Stop it with the bad faith and ad hominem comments or you will be banned from the forum.
Can you share the actual Newick tree files for those trees?
How are you calculating branch lengths in your algorithm?
An important bioinformatics rule: trash in, is trash out. If you have that situation there is nothing to benchmark or to show. If you want to show that your algorithm is good then do it at least with a more real life situation.
Another thing, look at the title of this forum... it is called biostars and is made for bioinformatics. What you are doing now does not make any sense, if it is just a algorithm for string comparison then stackoverflow is maybe a better place.
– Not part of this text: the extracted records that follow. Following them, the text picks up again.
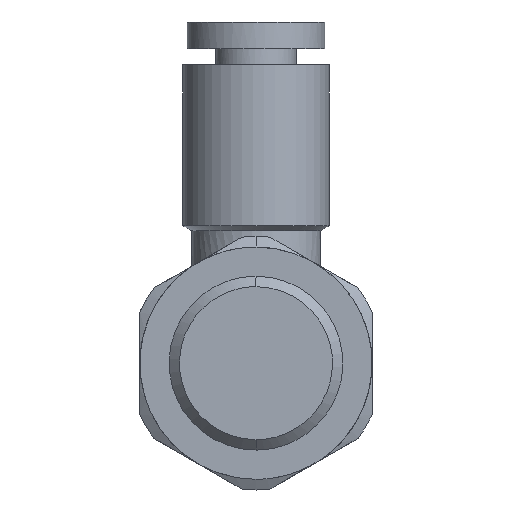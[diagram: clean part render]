
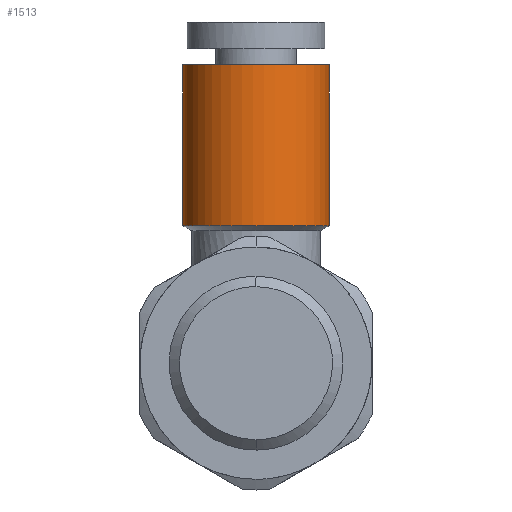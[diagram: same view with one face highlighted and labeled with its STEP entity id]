
A CAD part, front view. The second image highlights one B-rep face of the part: STEP entity #1513.
In plain terms, the highlighted free-form (B-spline) face has degree [1, 3] with [2, 4] control points.
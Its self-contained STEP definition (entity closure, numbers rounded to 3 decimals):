
#128 = B_SPLINE_CURVE_WITH_KNOTS ( 'NONE', 1,
 ( #1738, #1266 ),
 .UNSPECIFIED., .F., .F.,
 ( 2, 2 ),
 ( 0., 1. ),
 .UNSPECIFIED. ) ;
#358 = EDGE_LOOP ( 'NONE', ( #984, #2817, #833, #2122 ) ) ;
#595 = CARTESIAN_POINT ( 'NONE',  ( -4.1, 5.1, 7.7 ) ) ;
#603 = EDGE_CURVE ( 'NONE', #1722, #2734, #128, .T. ) ;
#628 = CARTESIAN_POINT ( 'NONE',  ( 4.1, 5.1, 16.7 ) ) ;
#698 = EDGE_CURVE ( 'NONE', #1722, #978, #1726, .T. ) ;
#784 = VERTEX_POINT ( 'NONE', #2356 ) ;
#828 = CARTESIAN_POINT ( 'NONE',  ( -4.1, 13.3, 7.7 ) ) ;
#833 = ORIENTED_EDGE ( 'NONE', *, *, #1848, .T. ) ;
#835 = CARTESIAN_POINT ( 'NONE',  ( 4.1, 5.1, 7.7 ) ) ;
#842 = CARTESIAN_POINT ( 'NONE',  ( -4.1, 5.1, 7.7 ) ) ;
#848 = CARTESIAN_POINT ( 'NONE',  ( 4.1, 13.3, 7.7 ) ) ;
#893 = CARTESIAN_POINT ( 'NONE',  ( 4.1, 13.3, 7.7 ) ) ;
#978 = VERTEX_POINT ( 'NONE', #828 ) ;
#984 = ORIENTED_EDGE ( 'NONE', *, *, #698, .F. ) ;
#1105 = CARTESIAN_POINT ( 'NONE',  ( -4.1, 13.3, 16.7 ) ) ;
#1213 =( BOUNDED_SURFACE ( )  B_SPLINE_SURFACE ( 1, 3, ( 
 ( #848, #835, #595, #1791 ),
 ( #2715, #628, #2485, #1804 ) ),
 .UNSPECIFIED., .F., .F., .T. ) 
 B_SPLINE_SURFACE_WITH_KNOTS ( ( 2, 2 ),
 ( 4, 4 ),
 ( 0., 1. ),
 ( 0., 1. ),
 .UNSPECIFIED. ) 
 GEOMETRIC_REPRESENTATION_ITEM ( )  RATIONAL_B_SPLINE_SURFACE ( (
 ( 1., 0.333, 0.333, 1.),
 ( 1., 0.333, 0.333, 1.) ) ) 
 REPRESENTATION_ITEM ( '' )  SURFACE ( )  );
#1266 = CARTESIAN_POINT ( 'NONE',  ( 4.1, 13.3, 16.7 ) ) ;
#1324 = CARTESIAN_POINT ( 'NONE',  ( 4.1, 13.3, 16.7 ) ) ;
#1336 = CARTESIAN_POINT ( 'NONE',  ( -4.1, 13.3, 16.7 ) ) ;
#1369 = CARTESIAN_POINT ( 'NONE',  ( -4.1, 5.1, 16.7 ) ) ;
#1513 = ADVANCED_FACE ( 'NONE', ( #1987 ), #1213, .T. ) ;
#1522 = CARTESIAN_POINT ( 'NONE',  ( 4.1, 13.3, 7.7 ) ) ;
#1722 = VERTEX_POINT ( 'NONE', #1522 ) ;
#1726 =( BOUNDED_CURVE ( )  B_SPLINE_CURVE ( 3, ( #893, #2738, #842, #2070 ),
 .UNSPECIFIED., .F., .T. ) 
 B_SPLINE_CURVE_WITH_KNOTS ( ( 4, 4 ),
 ( 0., 1. ),
 .UNSPECIFIED. ) 
 CURVE ( )  GEOMETRIC_REPRESENTATION_ITEM ( )  RATIONAL_B_SPLINE_CURVE ( ( 1., 0.333, 0.333, 1. ) ) 
 REPRESENTATION_ITEM ( '' )  );
#1738 = CARTESIAN_POINT ( 'NONE',  ( 4.1, 13.3, 7.7 ) ) ;
#1758 = CARTESIAN_POINT ( 'NONE',  ( -4.1, 13.3, 7.7 ) ) ;
#1791 = CARTESIAN_POINT ( 'NONE',  ( -4.1, 13.3, 7.7 ) ) ;
#1804 = CARTESIAN_POINT ( 'NONE',  ( -4.1, 13.3, 16.7 ) ) ;
#1848 = EDGE_CURVE ( 'NONE', #2734, #784, #2320, .T. ) ;
#1987 = FACE_OUTER_BOUND ( 'NONE', #358, .T. ) ;
#2070 = CARTESIAN_POINT ( 'NONE',  ( -4.1, 13.3, 7.7 ) ) ;
#2096 = EDGE_CURVE ( 'NONE', #978, #784, #2523, .T. ) ;
#2122 = ORIENTED_EDGE ( 'NONE', *, *, #2096, .F. ) ;
#2320 =( BOUNDED_CURVE ( )  B_SPLINE_CURVE ( 3, ( #1324, #2471, #1369, #1105 ),
 .UNSPECIFIED., .F., .T. ) 
 B_SPLINE_CURVE_WITH_KNOTS ( ( 4, 4 ),
 ( 0.5, 1. ),
 .UNSPECIFIED. ) 
 CURVE ( )  GEOMETRIC_REPRESENTATION_ITEM ( )  RATIONAL_B_SPLINE_CURVE ( ( 1., 0.333, 0.333, 1. ) ) 
 REPRESENTATION_ITEM ( '' )  );
#2356 = CARTESIAN_POINT ( 'NONE',  ( -4.1, 13.3, 16.7 ) ) ;
#2471 = CARTESIAN_POINT ( 'NONE',  ( 4.1, 5.1, 16.7 ) ) ;
#2485 = CARTESIAN_POINT ( 'NONE',  ( -4.1, 5.1, 16.7 ) ) ;
#2523 = B_SPLINE_CURVE_WITH_KNOTS ( 'NONE', 1,
 ( #1758, #1336 ),
 .UNSPECIFIED., .F., .F.,
 ( 2, 2 ),
 ( 0., 1. ),
 .UNSPECIFIED. ) ;
#2715 = CARTESIAN_POINT ( 'NONE',  ( 4.1, 13.3, 16.7 ) ) ;
#2734 = VERTEX_POINT ( 'NONE', #2989 ) ;
#2738 = CARTESIAN_POINT ( 'NONE',  ( 4.1, 5.1, 7.7 ) ) ;
#2817 = ORIENTED_EDGE ( 'NONE', *, *, #603, .T. ) ;
#2989 = CARTESIAN_POINT ( 'NONE',  ( 4.1, 13.3, 16.7 ) ) ;

At this stage its worse even than that I think, given that we know nothing of what the algorithm does or what its for (other than in theory being good for divergent sequences),
garbage in -> garbage out
could begold in -> garbage out
while is black-boxed in some mystery algorithm.Could someone explain me why my answer (the one I consider the right one) was moved to a comment while a deeply wrong answer is keeped?
Because yours isn’t an answer, it is more suitable as a comment. You came here looking for our opinions (ostensibly), so your own opinion that just ignores everything we said cannot by definition be an answer to the question.
Your content adds to the discussion but does not really answer the question as it looks like a defensive argument and not an objective statement. It would fit as an "answer" if this were a Forum discussion post. However, since this is a "Question", Mensur's post addresses the question better and is thus better suited as an answer.
Would you prefer if your content was an answer so you could accept it? As with all online communities, the community gets to decide what is most helpful but if you'd like for your post to be made an answer, we can go ahead and do that.